John Jackson Baker, born in Burke County, North Carolina, June 13, 1792, met and married Mary "Polly" Campbell. She was born at Wallens Creek, Ashe County, North Carolina, in 1795. She was the daughter of John Campbell and Mary Polly Couch. They married in Clay County, Kentucky, February 22 1816, and had nine children. They were Elizabeth and Virginia, born 1818; Nancy, born 1820; Christopher, born 1821; Sarah "Sally," born 1824; Wilson, born 1825; John Jackson, Jr., born 1826; Larkin, born 1827; and Henderson born 1828. (NOTE; Wilson Baker's daughter Nancy, born 1857 married Nick Schell. This is where the connection to Jim's family name is made.)
After a divorce John Jackson married Rachel Fields on May 8, 1833, in Perry County. Rachel, born in 1808 in Clairborne, Tennessee, was the daughter of John Fields and Eliza Bailey. John and Rachel had ten children together. They were William, born 1831; Polly, born 1834; James, born 1936; Abby, born 1838; Lucinda, born 1841; Rachel and Tabitha "Berth," born 1845; Rebecca, born 1847; Nancy, born 1849; and Russell, born 1854. John died June 1887 on Cutshin Creek, Leslie County, Kentucky, at the age of 95.
It is from the offspring of John, Jr's children that many of the Bakers of Leslie and Perry Counties have sprung.
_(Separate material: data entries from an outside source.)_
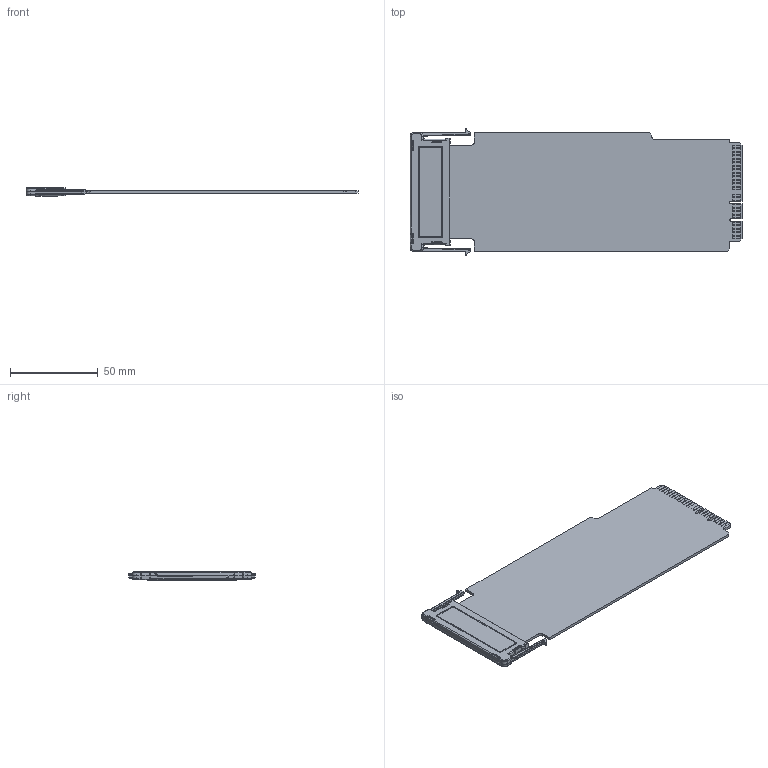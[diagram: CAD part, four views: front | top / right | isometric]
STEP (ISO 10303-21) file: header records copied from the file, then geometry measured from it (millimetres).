
FILE_DESCRIPTION((''),'2;1');
FILE_NAME('CU_NI-2806','2010-05-24T',('jjorden'),(''),'PRO/ENGINEER BY PARAMETRIC TECHNOLOGY CORPORATION, 2006080','PRO/ENGINEER BY PARAMETRIC TECHNOLOGY CORPORATION, 2006080','');
FILE_SCHEMA(('CONFIG_CONTROL_DESIGN'));
Length unit declared in the file: inch
Products named in the file (1): CU_NI-2806
Bounding box: 189.43 x 72.39 x 4.62 mm (x, y, z)
Volume: 22988 mm3; surface area: 31365.5 mm2
Topology: 2 solids, 2 shells, 1113 faces, 2718 edges, 1641 vertices
Faces by surface type: plane 538, cylinder 349, bspline 118, cone 40, torus 36, sphere 32
Entity records: 42594 total; most frequent: CARTESIAN_POINT 17742, ORIENTED_EDGE 5436, DIRECTION 4604, EDGE_CURVE 2718, VECTOR 1794, LINE 1794, VERTEX_POINT 1641, AXIS2_PLACEMENT_3D 1405
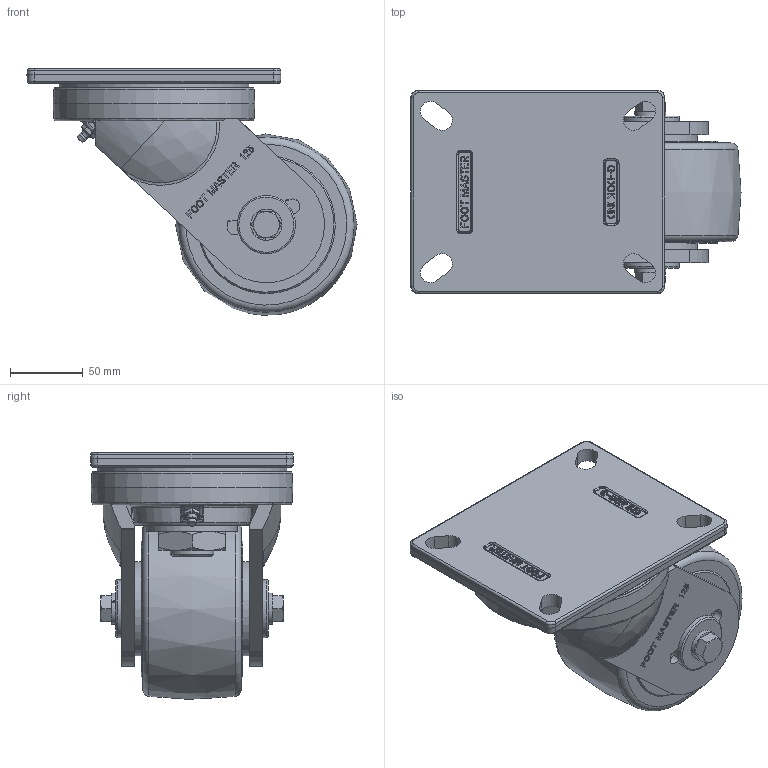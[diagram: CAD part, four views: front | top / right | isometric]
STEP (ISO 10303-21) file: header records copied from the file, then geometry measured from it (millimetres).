
FILE_DESCRIPTION(/* description */ (''),/* implementation_level */ '2;1');
FILE_NAME(/* name */ 'Y:\1.기술연구소\2.연구개발 진행중\133.고하중캐스터 브레이크 타입 변경건_2025.11.03\1.도면\4.홈페이지용 도면\01. 3D\GXT-125 SERIES\GXT-125-STEP\GXT-125-ASF-MCD.stp',/* time_stamp */ '2026-07-22T10:32:12+09:00',/* author */ ('장용하'),/* organization */ (''),/* preprocessor_version */ 'ST-DEVELOPER v18.1',/* originating_system */ 'Autodesk Inventor 2021',/* authorisation */ '');
FILE_SCHEMA (('CONFIG_CONTROL_DESIGN'));
Length unit declared in the file: millimetre
Products named in the file (1): GXT-125-ASF-MCD
Bounding box: 227.5 x 140 x 169.95 mm (x, y, z)
Volume: 1794078.1 mm3; surface area: 163763.9 mm2
Topology: 1 solids, 2 shells, 982 faces, 2655 edges, 1745 vertices
Faces by surface type: plane 482, bspline 355, cylinder 95, cone 28, torus 18, sphere 4
Full cylindrical faces by diameter (mm): 4 x1, 12 x2, 21.5 x2, 30 x1, 40 x2, 62.5 x1, 65 x2, 131.086 x1
Entity records: 32164 total; most frequent: CARTESIAN_POINT 9708, ORIENTED_EDGE 5302, DIRECTION 3501, EDGE_CURVE 2651, VERTEX_POINT 1744, LINE 1533, VECTOR 1533, EDGE_LOOP 1071

To aid The Kentucky Explorer's readers, the following is furnished:
Isaac married Elizabeth (Eliza Jane) Griffith; Wilson married Polly Combs, then Sarah Sally Fields; John Jackson married Mary Polly Campbell, then Rachel Fields; Rebecca married Adam Campbell, then Elijah Campbell; Elizabeth married William Campbell; Nancy married Roderick McIntosh; Mary Polly married Isaac Campbell, then Roe Campbell; Jane married Henry Feltner; Rachel married James Testical Campbell; and Sarah (Sally) married William Begley.
One interesting note: Mary Polly married Chloe McIntosh's brother, Roderick "Rory" McIntosh, who was 21 years older than she, and she had four more children by him. They were: Susan, Margaret, Peggy, James, and Mary Polly. That makes the children of both marriages half-brothers and sisters. It gives them common great aunts and uncles as well as grandparents.
This takes the Baker line far enough forward to allow anyone interested to research their particular line. The Perry County Library at Hazard has an extensive section on the early settlers of both Perry and Leslie Counties. I encourage anyone interested to include this facility in their research endeavors because my wife, Pauline, had done considerable research into my family tree.
John Jackson Baker, Jr., son of John Jackson continues the Baker line. He was born February 18, 1826, in Perry County, Kentucky. He married Sarah Maggard, born February 10, 1835, who was the daughter of John Benjamin Maggard and Sarah Maggard. They married about 1854. Their children were William, born 1854; Henry, born 1856; Sarah, born 1860; Polly, born 1862; Nancy, born 1864; and Rebecca, born 1866.
William Baker, a farmer on Wooton's Creek, was married three times. His first wife was Mary Polly Cornett. She was the daughter of Archibald Cornett and Juda Isaac. Wilson and John Jackson Baker continue the Baker line. Isaac married Eliza Jane or Elizabeth Griffith in 1828. Children by that marriage were John, David, Manerva, William, Cyhthia, Martha, Henry, and Maggie. Wilson married Polly Combs, but research has failed to show any children from that marriage. He then married Eliza Jane Fields and together they had Mary, Jackson William, Polly, Roderick, Jane, John, Rachel, and Robert.